The above procedure to determine the final gaze coordinate was repeated for each video frame of each participant. Finally, after processing all frames, a median filter with a window length of 5 (0.2 s) was applied to the final x and y coordinates to filter out potential outliers.
Creating the Heatmap
The final heatmap was created by looping through all frames and summing circular patches with a radius of 30 pixels to the frontal image of The Night Watch (which measured 2444 × 2048 pixels). The heatmap was also created for different time segments of the experiment (first and last minute of viewing).
The similarity of the heatmaps was judged from the correlation coefficients between the mean heatmap value per pixel for 28 areas of interest (AOIs). The AOIs were created by identifying landmark points for all visible characters (i.e., the noses of all humans, of the dog, and of the chicken on the girl's waist) and creating Voronoi cells around them (see Figure 7). Voronoi cells are more commonly used in eye-tracking research to cluster fixation points (Over et al., 2006). In the current study, Voronoi cells were used to automatically partition the painting into polygonal AOIs. The border of each polygon has an equal distance to two landmark points, and so each Voronoi cell consists of all points closer to the landmark point than to all other landmark points.

Voronoi cells around all characters’ noses. These cells were used as areas of interest.
Apart from judging the similarity of heatmaps, correlations were calculated between the AOIs’ mean heatmap value, mean local entropy value (as shown in Figure 1), mean grayscale value, and eccentricity (defined as the distance in meters between the AOI's landmark point and the center of the painting). These correlations allowed judging whether texture, brightness, and centrality (Bindemann, 2010; Tatler, 2007) covary with where on the painting people look.
Experiment Using a Replica of The Night Watch
In order to examine the robustness of our method, we repeated the experiment using the same protocol with 27 new participants in the period between 16 July and 10 September 2021. Participants were recruited from the student population and the teaching and administration staff of the authors’ faculty building at the Delft University of Technology. The recruitment procedure for the replica experiment was somewhat less formal than the recruitment procedure for the real Night Watch, with 15 participants receiving the consent form in advance and 12 participants participating directly after recruitment.
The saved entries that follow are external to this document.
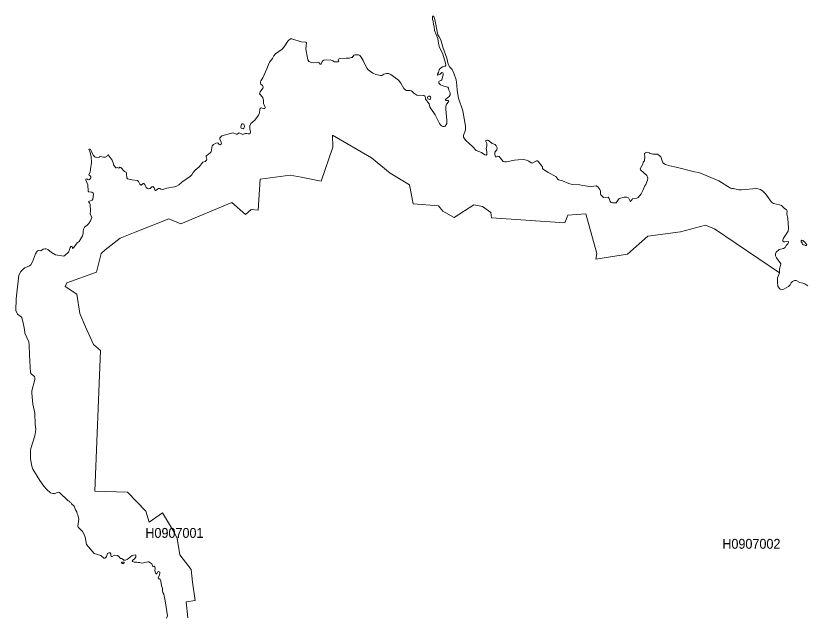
# Model space of a CAD drawing. Extents: x 369010 to 739155, y 6377141 to 6616555.
# Drawn here: x 449254 to 457235, y 6540160 to 6546215 of the extents above; entities that cross this region are included whole.
import ezdxf
from ezdxf.enums import TextEntityAlignment as Align

# ---------------------------------------------------------------- set-up
doc = ezdxf.new("R2010")
doc.units = 0
doc.header["$LTSCALE"] = 40
doc.layers.add('1', color=7, linetype='Continuous', lineweight=13)
doc.layers.add('2', color=7, linetype='Continuous')

msp = doc.modelspace()

# ---------------------------------------------------------------- linework, layer by layer
at = {"layer": '1'}
for points in [[(454547.31, 6544711.14), (454526.62, 6544743.74), (454515.7, 6544751.85), (454504.61, 6544753.51), (454461.24, 6544729.51), (454449.99, 6544731.66), (454426.65, 6544748.38), (454403.98, 6544758.8), (454375.84, 6544764.26), (454320.9, 6544763.93), (454284.98, 6544759.8), (454201.73, 6544741.09), (454186.18, 6544741.76), (454169.79, 6544746.89), (454127.59, 6544794.88), (454114.02, 6544799.68), (454101.6, 6544792.73), (454093.16, 6544793.23), (454088.69, 6544799.68), (454084.23, 6544824.01), (454086.54, 6544839.07), (454105.08, 6544864.06), (454109.55, 6544882.1), (454099.78, 6544905.11), (454088.2, 6544916.2), (454058.57, 6544927.29), (454029.78, 6544952.28), (454014.55, 6544961.05), (454003.13, 6544962.04), (453995.35, 6544956.41), (453994.36, 6544946.81), (454004.45, 6544928.61), (454004.29, 6544900.8), (453996.34, 6544875.48), (454004.29, 6544841.89), (454005.94, 6544823.68), (454002.8, 6544815.74), (453996.01, 6544810.6), (453984.43, 6544811.93), (453949.34, 6544835.93), (453895.72, 6544855.29), (453859.47, 6544898.49), (453824.72, 6544925.96), (453788.14, 6544960.72), (453769.44, 6544990.51), (453768.28, 6545009.38), (453789.63, 6545064.82), (453789.3, 6545103.05), (453762.82, 6545257.47), (453720.12, 6545384.9), (453704.73, 6545460.04), (453701.91, 6545514.66), (453693.47, 6545568.78), (453670.47, 6545637.63), (453653.58, 6545672.38), (453632.73, 6545697.71), (453614.19, 6545728.32), (453600.62, 6545789.23), (453559.91, 6545897.64), (453539.55, 6545971.62), (453524.49, 6546003.89), (453511.42, 6546022.76), (453479.64, 6546178.83), (453469.88, 6546206.96), (453460.11, 6546214.91), (453455.97, 6546208.95), (453456.97, 6546178.83), (453463.59, 6546159.96), (453466.07, 6546128.35), (453473.35, 6546106.17), (453477.65, 6546067.94), (453509.43, 6545987.17), (453515.72, 6545938.51), (453520.85, 6545927.09), (453524.82, 6545904.26), (453560.41, 6545828.79), (453587.55, 6545738.09), (453590.69, 6545717.24), (453585.07, 6545706.48), (453570.01, 6545705.32), (453556.93, 6545700.19), (453534.26, 6545683.8), (453522.17, 6545669.57), (453516.22, 6545644.25), (453506.45, 6545626.54), (453507.94, 6545619.26), (453511.42, 6545616.77), (453534.59, 6545627.86), (453551.3, 6545642.92), (453559.25, 6545640.11), (453564.21, 6545632), (453565.21, 6545618.1), (453551.97, 6545570.27), (453540.21, 6545561.83), (453523.83, 6545556.37), (453518.7, 6545547.59), (453521.02, 6545536.51), (453535.91, 6545519.79), (453570.67, 6545503.9), (453611.55, 6545494.14)], [(453484.94, 6545215.76), (453439.42, 6545279.97), (453429.66, 6545297.35), (453422.54, 6545327.31), (453386.46, 6545374.15), (453386.13, 6545392.35), (453378.35, 6545403.77), (453369.08, 6545410.72), (453300.07, 6545413.2), (453267.79, 6545435.71), (453243.63, 6545458.72), (453231.05, 6545462.19), (453190.84, 6545461.86), (453168.16, 6545480.9), (453138.04, 6545536.17), (453113.88, 6545565.3), (453035.1, 6545624.39), (453011.43, 6545633.49), (452993.72, 6545633.49), (452965.09, 6545626.21), (452947.05, 6545614.62), (452930.99, 6545614.62), (452886.14, 6545622.4), (452854.86, 6545635.15), (452807.53, 6545671.06), (452797.43, 6545682.81), (452780.72, 6545712.44), (452758.54, 6545762.75), (452737.19, 6545799.33), (452724.28, 6545813.56), (452709.72, 6545820.18), (452693.66, 6545822.83), (452672.15, 6545822.5), (452663.21, 6545817.03), (452645.5, 6545794.69), (452634.91, 6545794.69), (452619.18, 6545787.74), (452586.25, 6545787.74), (452514.09, 6545780.79), (452507.47, 6545776.98), (452506.48, 6545771.02), (452511.61, 6545755.8), (452506.15, 6545750.34), (452468.74, 6545749.51), (452451.03, 6545761.43), (452428.03, 6545771.19), (452359.01, 6545767.22), (452350.74, 6545762.42), (452340.64, 6545747.19), (452335.18, 6545731.47), (452328.89, 6545725.68), (452323.93, 6545726.67), (452312.51, 6545741.9), (452300.76, 6545747.52), (452255.08, 6545741.23), (452234.88, 6545744.05), (452210.22, 6545753.48), (452200.46, 6545769.37), (452195.33, 6545788.57), (452179.77, 6545881.91), (452184.57, 6545941.33), (452180.1, 6545948.78), (452130.29, 6545953.91), (452037.77, 6545984.19), (452023.54, 6545981.38), (452007.48, 6545970.95), (451995.9, 6545958.38), (451961.97, 6545901.44), (451941.61, 6545878.77), (451873.09, 6545832.26), (451855.38, 6545812.07), (451841.32, 6545784.6), (451812.19, 6545748.19), (451787.2, 6545681.82), (451745.32, 6545590.79), (451725.13, 6545559.18), (451720.17, 6545545.61), (451721.66, 6545534.85), (451726.79, 6545525.42), (451742.84, 6545510.85), (451748.14, 6545496.95), (451746.15, 6545485.36), (451717.85, 6545447.96), (451713.22, 6545428.43), (451745.32, 6545391.52), (451752.27, 6545362.06), (451750.62, 6545338.07), (451753.1, 6545328.3), (451767, 6545304.8), (451768.33, 6545290.07), (451766.34, 6545281.79), (451758.56, 6545277.99), (451729.1, 6545286.26), (451719.34, 6545279.31), (451714.54, 6545268.89), (451711.89, 6545235.95), (451701.47, 6545211.62), (451664.23, 6545161.97), (451624.84, 6545127.21), (451614.08, 6545105.86)], [(453611.55, 6545494.14), (453618.83, 6545483.71), (453621.31, 6545465.17), (453634.55, 6545436.71), (453633.23, 6545418.34), (453623.96, 6545402.28), (453591.69, 6545374.15), (453585.73, 6545364.55), (453589.87, 6545360.24), (453616.18, 6545361.07), (453619.99, 6545354.12), (453618.17, 6545346.01), (453595.99, 6545323.83), (453590.03, 6545301.99), (453589.37, 6545274.84), (453602.11, 6545161.47), (453601.62, 6545128.87), (453584.57, 6545102.39), (453574.14, 6545097.59), (453560.9, 6545098.91), (453547, 6545104.54), (453536.9, 6545113.97), (453526.81, 6545127.88), (453484.94, 6545215.76)], [(451614.08, 6545105.86), (451613.42, 6545076.4), (451620.04, 6545044.46), (451618.22, 6545029.07), (451612.42, 6545024.6), (451596.37, 6545024.93), (451583.46, 6545029.57), (451566.41, 6545029.07), (451544.57, 6545016.66), (451530.5, 6545025.59), (451507.99, 6545033.04), (451485.65, 6545022.62), (451477.7, 6545022.62), (451447.75, 6545033.37), (451430.54, 6545032.55), (451330.24, 6545005.24), (451311.7, 6544983.23), (451311.04, 6544971.14), (451324.78, 6544939.53), (451327.26, 6544926.62), (451324.12, 6544921), (451315.34, 6544915.2), (451303.59, 6544917.52), (451293.17, 6544929.77), (451284.56, 6544934.24), (451272.31, 6544931.42), (451246.99, 6544918.35), (451234.41, 6544902.96), (451223.16, 6544844.2), (451214.55, 6544832.78), (451178.97, 6544805.64), (451173.18, 6544798.03), (451172.35, 6544789.75), (451178.47, 6544781.31), (451181.62, 6544769.23), (451176.82, 6544757.64), (451163.58, 6544746.22), (451139.91, 6544737.62), (451101.68, 6544690.28), (451063.12, 6544659.33), (451041.6, 6544635.67), (451028.19, 6544609.68), (451016.78, 6544597.1), (450929.06, 6544536.36), (450896.78, 6544508.89), (450875.77, 6544497.47), (450852.76, 6544489.69), (450777.13, 6544476.62), (450735.42, 6544462.72), (450718.04, 6544465.03), (450705.63, 6544471.65), (450693.38, 6544471.98), (450670.04, 6544455.43), (450661.6, 6544454.61), (450654.65, 6544459.57), (450648.03, 6544481.09), (450636.28, 6544491.84), (450625.85, 6544489.36), (450609.14, 6544472.81), (450595.57, 6544468.84), (450582.49, 6544473.14), (450568.42, 6544484.89), (450555.52, 6544513.03), (450546.08, 6544522.13), (450537.48, 6544522.46), (450519.27, 6544508.23), (450511.99, 6544508.56), (450504.71, 6544516.5), (450492.62, 6544543.98), (450481.54, 6544553.41), (450424.6, 6544560.03), (450379.09, 6544571.12), (450372.47, 6544581.22), (450371.14, 6544620.11), (450366.51, 6544638.15), (450349.79, 6544644.77), (450314.05, 6544683.99), (450304.11, 6544688.63), (450293.03, 6544677.71), (450277.63, 6544683.99), (450269.03, 6544680.19), (450261.41, 6544682.34), (450238.41, 6544712.46), (450239.73, 6544721.89), (450226.33, 6544759.8), (450185.78, 6544811.6), (450178.83, 6544808.78), (450170.55, 6544795.88), (450158.64, 6544788.92), (450138.11, 6544789.42), (450105.01, 6544795.54), (450095.25, 6544790.41), (450063.31, 6544786.28), (450052.22, 6544791.41), (450038.65, 6544805.97), (450002.9, 6544868.86), (449992.8, 6544870.02), (449990.98, 6544865.06), (450000.75, 6544846.02), (450014.65, 6544796.7)], [(450988.97, 6540143.56), (450973.25, 6540302.94), (451062.12, 6540318.66), (451035.97, 6540501.71), (451022.9, 6540629.64), (450908.37, 6540777.11), (450879.74, 6540941.78), (450853.59, 6540999.38), (450733.27, 6541203.28), (450600.04, 6541106.46), (450565.94, 6541218.84), (450381.41, 6541411.32), (450052.05, 6541419.1), (450109.65, 6542839.62), (450037.49, 6542898.37), (449956.56, 6543078.77), (449898.96, 6543212), (449870.16, 6543407.96), (449752.66, 6543486.41), (449768.21, 6543522.98), (450066.29, 6543630.23), (450114.12, 6543817.08), (450155.99, 6543856.14), (450307.59, 6543971.17), (450459.19, 6544033.89), (450796.32, 6544167.29), (450916.65, 6544117.64), (451432.69, 6544330.97), (451571.21, 6544210.82), (451626.16, 6544260.47), (451699.31, 6544255.17), (451717.68, 6544566.32), (452020.89, 6544608.03), (452133.27, 6544587.17), (452335.18, 6544547.29), (452450.21, 6544889.72), (452447.56, 6545012.52), (452842.28, 6544782.47), (453029.63, 6544629.05), (453222.94, 6544511.54), (453262.17, 6544318.07), (453515.72, 6544297.21), (453560.24, 6544244.91), (453675.27, 6544182.19), (453873.21, 6544308.63), (453959.44, 6544292.91), (454043.18, 6544230.18), (454050.96, 6544178.05), (454791.26, 6544128.23), (454822.54, 6544204.03), (455002.94, 6544217.11), (455112.67, 6543817.08), (455104.89, 6543759.65), (455421.66, 6543811.79), (455628.21, 6543992.19), (455957.4, 6544036.71), (456210.95, 6544104.56), (456299.83, 6544065.34), (456956.88, 6543623.44), (456956.88, 6543664.16), (456967.47, 6543697.26), (456967.97, 6543711.82), (456924.44, 6543773.72), (456917.32, 6543792.76), (456916, 6543813.44), (456923.61, 6543832.48), (456954.07, 6543858.96), (456997.43, 6543867.07), (457013.32, 6543878.98)], [(457242.37, 6543491.87), (457211.26, 6543512.56), (457192.23, 6543519.18), (457161.28, 6543523.65), (457124.2, 6543544), (457108.32, 6543544.83), (457087.96, 6543535.07), (457074.72, 6543522.32), (457064.13, 6543500.64), (457045.26, 6543484.75), (456998.09, 6543459.1), (456978.56, 6543452.15), (456963.17, 6543457.78), (456952.74, 6543467.54), (456940.83, 6543489.55), (456934.21, 6543528.11), (456936.36, 6543572.64), (456956.88, 6543623.44), (456299.83, 6544065.34), (456210.95, 6544104.56), (455957.4, 6544036.71), (455628.21, 6543992.19), (455421.66, 6543811.79), (455104.89, 6543759.65), (455112.67, 6543817.08), (455002.94, 6544217.11), (454822.54, 6544204.03), (454791.26, 6544128.23), (454050.96, 6544178.05), (454043.18, 6544230.18), (453959.44, 6544292.91), (453873.21, 6544308.63), (453675.27, 6544182.19), (453560.24, 6544244.91), (453515.72, 6544297.21), (453262.17, 6544318.07), (453222.94, 6544511.54), (453029.63, 6544629.05), (452842.28, 6544782.47), (452447.56, 6545012.52), (452450.21, 6544889.72), (452335.18, 6544547.29), (452133.27, 6544587.17), (452020.89, 6544608.03), (451717.68, 6544566.32), (451699.31, 6544255.17), (451626.16, 6544260.47), (451571.21, 6544210.82), (451432.69, 6544330.97), (450916.65, 6544117.64), (450796.32, 6544167.29), (450459.19, 6544033.89), (450307.59, 6543971.17), (450155.99, 6543856.14)], [(450014.65, 6544796.7), (450015.81, 6544734.47), (450007.86, 6544666.95), (450002.24, 6544637.49), (449991.64, 6544613.16), (449993.13, 6544605.21), (450002.4, 6544599.92), (450009.85, 6544590.15), (450009.85, 6544581.22), (450001.08, 6544568.97), (449989, 6544561.69), (449980.22, 6544562.35), (449969.13, 6544570.46), (449961.85, 6544567.65), (449960.36, 6544558.54), (449979.56, 6544511.37), (449982.71, 6544444.68), (449989.99, 6544439.05), (450020.94, 6544434.58), (450033.68, 6544427.63), (450037.16, 6544414.72), (450032.03, 6544366.72), (450022.59, 6544354.31), (449988.17, 6544341.07), (449989.33, 6544335.11), (449998.26, 6544327.17), (450004.22, 6544312.27), (450008.52, 6544246.9), (450002.73, 6544213.14), (450018.95, 6544192.28), (450020.77, 6544179.87), (450007.37, 6544145.78), (449991.64, 6544119.63), (449967.48, 6544095.96), (449957.55, 6544092.15), (449946.3, 6544082.06), (449935.21, 6544062.36), (449931.73, 6544043.82), (449932.89, 6544018.83), (449925.44, 6543997.32), (449891.35, 6543938.9), (449873.97, 6543926.81), (449836.73, 6543873.69), (449827.3, 6543868.72), (449824.15, 6543882.95), (449816.87, 6543888.25), (449808.26, 6543887.92), (449800.65, 6543879.15), (449792.05, 6543847.54), (449783.77, 6543832.64), (449753.15, 6543799.54), (449738.59, 6543790.6), (449654.02, 6543805.5), (449614.46, 6543827.35), (449577.72, 6543858.96), (449560.34, 6543865.58), (449545.78, 6543865.25), (449530.05, 6543860.45), (449505.06, 6543845.39), (449479.74, 6543849.36), (449469.15, 6543841.91), (449453.42, 6543813.44), (449421.65, 6543734.99), (449404.27, 6543704.38), (449393.51, 6543691.8), (449345.52, 6543673.1), (449332.61, 6543662.34), (449303.64, 6543634.86), (449284.61, 6543599.12), (449255.98, 6543359.96), (449254.16, 6543243.94), (449269.55, 6543206.37), (449307.12, 6543179.56), (449313.08, 6543171.29), (449332.44, 6543101.45), (449342.37, 6543052.12), (449344.85, 6543015.55), (449384.57, 6542927), (449389.71, 6542897.05), (449392.52, 6542794.44), (449402.95, 6542614.2), (449411.55, 6542601.62), (449441.51, 6542577.62), (449446.14, 6542564.05), (449445.81, 6542546.34), (449416.85, 6542431.98), (449415.69, 6542410.13), (449424.3, 6542298.59), (449444.32, 6542206.23), (449449.29, 6542091.54), (449454.91, 6542046.03), (449453.09, 6542017.39), (449444.32, 6541978.17), (449404.1, 6541850.73), (449401.95, 6541831.53), (449403.77, 6541744.97), (449415.69, 6541672.65), (449424.63, 6541642.86), (449495.79, 6541526.34), (449535.35, 6541470.73)], [(457013.32, 6543878.98), (457023.91, 6543898.84), (457041.12, 6543915.56), (457046.42, 6543928.47), (457045.09, 6543937.24), (457009.67, 6543933.76), (456998.26, 6543935.42), (456991.14, 6543942.04), (456990.31, 6543953.63), (456997.76, 6543972.66), (457043.93, 6544043.33), (457048.4, 6544074.28), (457040.62, 6544169.61), (457028.71, 6544219.09), (457032.85, 6544246.07), (457028.05, 6544257.99), (457003.39, 6544276.19), (456977.24, 6544300.85), (456956.55, 6544308.47), (456895.48, 6544320.38), (456875.45, 6544336.27), (456817.52, 6544414.88), (456787.24, 6544446.33), (456764.23, 6544461.89), (456724.51, 6544474.8), (456574.07, 6544460.23), (456547.42, 6544460.89), (456491.81, 6544471.65), (456474.93, 6544471.65), (456461.36, 6544476.12), (456342.69, 6544549.44), (456142.93, 6544635.34), (456100.06, 6544640.63), (455914.53, 6544687.47), (455850.48, 6544700.71), (455805.96, 6544715.61), (455780.81, 6544731.33), (455758.63, 6544792.07), (455739.1, 6544810.11), (455725.53, 6544818.22), (455679.52, 6544818.22), (455650.72, 6544827.16), (455639.96, 6544834.11), (455619.11, 6544839.07), (455603.72, 6544834.11), (455595.11, 6544826.82), (455593.62, 6544816.4), (455597.1, 6544794.55), (455593.13, 6544753.51), (455582.7, 6544738.94), (455576.41, 6544719.41), (455550.1, 6544672.91), (455554.23, 6544660.33), (455618.28, 6544605.88), (455627.05, 6544578.73), (455625.56, 6544558.21), (455608.85, 6544514.02), (455598.09, 6544498.46), (455578.89, 6544452.62), (455560.03, 6544418.53), (455530.73, 6544382.78), (455515.5, 6544376.16), (455473.14, 6544370.2), (455454.43, 6544342.73), (455448.31, 6544345.87), (455433.25, 6544380.63), (455416.2, 6544387.25), (455390.55, 6544384.43), (455339.24, 6544371.52), (455320.54, 6544350.01), (455316.07, 6544337.1), (455307.96, 6544329.82), (455273.37, 6544327.17), (455258.97, 6544331.97), (455248.05, 6544342.73), (455238.78, 6544373.34), (455228.36, 6544384.43), (455181.68, 6544383.77), (455154.87, 6544409.75), (455150.24, 6544419.52), (455150.24, 6544445.34), (455144.44, 6544464.37), (455124.92, 6544489.69), (455106.21, 6544498.46), (455060.2, 6544494.33), (455020.48, 6544495.32), (454971.49, 6544502.6), (454942.86, 6544510.88), (454864.91, 6544514.35), (454831.48, 6544523.79), (454768.59, 6544551.59), (454727.71, 6544560.69), (454718.77, 6544568.31), (454699.57, 6544595.12), (454621.78, 6544635.34), (454610.03, 6544645.43), (454574.61, 6544663.8), (454567.33, 6544673.9), (454564.52, 6544692.44), (454547.31, 6544711.14)], [(450155.99, 6543856.14), (450114.12, 6543817.08), (450066.29, 6543630.23), (449768.21, 6543522.98), (449752.66, 6543486.41), (449870.16, 6543407.96), (449898.96, 6543212), (449956.56, 6543078.77), (450037.49, 6542898.37), (450109.65, 6542839.62), (450052.05, 6541419.1), (450381.41, 6541411.32), (450565.94, 6541218.84), (450600.04, 6541106.46), (450733.27, 6541203.28), (450853.59, 6540999.38), (450879.74, 6540941.78), (450908.37, 6540777.11), (451022.9, 6540629.64), (451035.97, 6540501.71), (451062.12, 6540318.66), (450973.25, 6540302.94), (450988.97, 6540143.56)], [(449535.35, 6541470.73), (449566.63, 6541435.98), (449602.21, 6541404.86), (449627.87, 6541396.42), (449643.09, 6541395.76), (449656.66, 6541399.24), (449680.33, 6541411.81), (449694.23, 6541405.86), (449781.78, 6541321.78), (449794.03, 6541320.29), (449799.49, 6541311.02), (449809.26, 6541305.4), (449815.22, 6541294.31), (449843.02, 6541269.98), (449856.26, 6541231.08), (449870.33, 6541211.89), (449871.98, 6541195.17), (449877.94, 6541183.09), (449889.03, 6541139.23), (449880.09, 6541067.4), (449883.57, 6541056.15), (449926.43, 6541013.78), (449940.34, 6540988.46), (449952.92, 6540957.18), (449968.14, 6540883.2), (450045.27, 6540790.02), (450111.14, 6540771.98), (450140.93, 6540745.5), (450152.35, 6540745.5), (450161.78, 6540750.46), (450169.73, 6540762.87), (450177.84, 6540792.17), (450191.24, 6540797.96), (450206.47, 6540797.96), (450212.76, 6540789.02), (450212.43, 6540767.84), (450217.23, 6540762.54), (450226.66, 6540761.88), (450249.5, 6540774.46), (450278.79, 6540770.98), (450293.85, 6540761.22), (450308.75, 6540739.7), (450322.32, 6540740.03), (450344.5, 6540725.3), (450360.72, 6540724.64), (450378.43, 6540730.27), (450427.75, 6540772.31), (450458.36, 6540778.93), (450465.32, 6540773.96), (450462.83, 6540753.94), (450455.22, 6540742.02), (450433.37, 6540724.97), (450428.41, 6540716.04), (450429.9, 6540711.07), (450446.45, 6540705.61), (450474.92, 6540705.61), (450487, 6540700.64), (450505.86, 6540700.31), (450520.43, 6540695.51), (450540.12, 6540697.17), (450586.96, 6540709.08), (450597.06, 6540707.6), (450624.53, 6540686.74), (450633.47, 6540666.72), (450640.75, 6540660.76), (450649.52, 6540663.57), (450656.47, 6540657.28), (450660.94, 6540641.23), (450656.64, 6540620.37), (450661.44, 6540596.05), (450668.39, 6540586.78), (450676.83, 6540585.62), (450685.77, 6540606.8), (450693.38, 6540610.78), (450704.97, 6540603.82), (450707.28, 6540590.58), (450703.81, 6540576.02), (450689.74, 6540544.74), (450693.55, 6540535.97), (450701.99, 6540535.31), (450708.61, 6540530.51), (450717.21, 6540512.8), (450723.5, 6540469.6), (450734.92, 6540439.31), (450734.59, 6540414.16), (450737.4, 6540399.76), (450746.67, 6540380.39), (450759.42, 6540315.19), (450782.59, 6540163.91), (450774.31, 6540138.43)]]:
    msp.add_lwpolyline(points, dxfattribs=at)
for points in [[(453428.33, 6545371.83), (453435.29, 6545377.29), (453439.09, 6545390.53), (453437.11, 6545399.3), (453430.49, 6545404.76), (453417.58, 6545405.1), (453408.64, 6545400.63), (453405.83, 6545390.2), (453410.29, 6545376.3)], [(451547.05, 6545074.58), (451554.33, 6545081.2), (451559.96, 6545095.11), (451558.14, 6545115.63), (451552.18, 6545122.58), (451543.91, 6545124.73), (451537.62, 6545124.07), (451530.67, 6545118.44), (451525.53, 6545108.68), (451522.39, 6545090.31), (451527.52, 6545080.87)], [(457227.97, 6543898.68), (457230.29, 6543905.63), (457211.59, 6543932.61), (457190.9, 6543949.82), (457182.13, 6543950.81), (457174.52, 6543944.19), (457175.01, 6543935.75), (457184.78, 6543925.66), (457187.43, 6543907.95), (457194.87, 6543903.48), (457204.64, 6543905.3), (457217.38, 6543899.01)], [(450341.85, 6540705.61), (450327.12, 6540705.28), (450318.84, 6540698.66), (450321.66, 6540691.71), (450338.71, 6540689.56), (450345.99, 6540694.52), (450347.97, 6540699.65)]]:
    msp.add_lwpolyline(points, close=True, dxfattribs=at)

# ---------------------------------------------------------------- texts
at = {"layer": '2', "width": 0.95}
for s, p in [('H0907001', (450853.58, 6540949.38)), ('H0907002', (456672.41, 6540839.3))]:
    msp.add_text(s, height=100, dxfattribs=at).set_placement(p, align=Align.CENTER)

doc.saveas('drawing.dxf')

Again, participants were required to be able to speak Dutch.
The sample consisted of 13 males and 14 females and had a mean age of 34.2 years (range: 25–60 years, SD = 10.2, n = 25; two participants did not specify their age). Further details about the participants are provided in Table 2. One-third of the participants owned a national Museum Pass, and overall, the participants had a moderate interest in art but had not completed an art-related education. Participants provided written informed consent, and the research was approved by the Human Research Ethics Committee of the TU Delft.
Responses to the post-experimental questionnaire for the replica Night Watch experiment (number of participants and percentages).
Participants looked at a replica of The Night Watch of 169.5 × 140.0 cm (measured excluding the frame) that was printed on canvas. They stood at a distance of 175 cm, marked with a circular spot on the ground on which the participants were asked to stand. The experimenter nudged the participant to keep talking if they were silent (this occurred once in two participants) or if the participant thought that the experiment was completed before the 5 min were over (this occurred once in another participant). The heatmap was obtained using the same data processing procedure but with nine different reference images, one of which is shown in Figure 8.

Image recorded with the eye-tracker from the participant's position for the replica study.
Processing of Think-Aloud Data
The participants’ verbal utterances were transcribed word-by-word. Incompletely spoken words and the filler words uh or um were not transcribed. For the experiment with the real Night Watch, 12 statements in which the participants referred to the spotlights reflecting on the painting were excluded from the analysis.
Different methods of analyzing the think-aloud data were considered, including thematic analysis, where the researchers extract themes from verbal utterances, without necessarily counting how often those themes were addressed (e.g., Braun & Clarke, 2006). Another option would be to use a fully quantitative method, such as a tabulation or visualization of word frequency and connectedness (e.g., Heikoop et al., 2018). It was reasoned that a thematic analysis would be too imprecise, considering that our study goal was to understand participants’ attentional processes. At the same time, a quantitative content analysis, such as a word cloud, was deemed insufficiently meaningful. Therefore, we opted for a hybrid thematic-content approach, where we defined themes and subsequently counted how frequently participants mentioned target words belonging to those themes.
Seventeen thematic categories of words were created, as shown in Table 3. The themes were based on apparent frequency, identifiability, and semantic distinctiveness. For example, upon transcribing the results, it was noted that participants regularly mentioned the girl in the painting. Corresponding words (e.g., girl, women, daughter) were clearly identifiable as belonging to the same character/theme and semantically distinct from other words (e.g., dog, people in general).
Seventeen themes and their corresponding words (translated from Dutch to English).
For each theme, we extracted the number of words spoken per participant and the mean elapsed time of the spoken words. The number of words spoken per participant was compared between the real and replica painting using Welch's t-test. A Bonferroni correction was applied, meaning that the alpha value was set to 0.05/17≈0.003.
Results
Real Night Watch
For one of the 21 participants, 202 instead of 300 s of data was available due to an empty battery of the eye-tracker. Eye-tracking data of participants were available for 95.1% of the time on average (SD = 4.4%, min = 88.1%, max = 99.8%). The missing data consisted of the aforementioned gaps of 0.5 s or longer, for example, due to blinks.
The heatmap of all participants is shown in Figure 9. It can be seen that attention was not uniformly distributed, but concentrated on specific elements. First, the faces of the people in the painting attract attention. The faces of the leading men, captain Frans Banninck Cocq and lieutenant Willem van Ruytenburch, received the most attention. It is also striking that participants often focused on the girl's face (the mystical and bright appearing figure). Furthermore, the lieutenant's attire and lance (partisan) attracted much attention, as did the girl's attire. Dark clothing attracted little attention; it is noteworthy that the suits of captain Frans Banninck Cocq, sergeant Reijnier Engelen, and musketeer Jan van der Heede, were virtually ignored.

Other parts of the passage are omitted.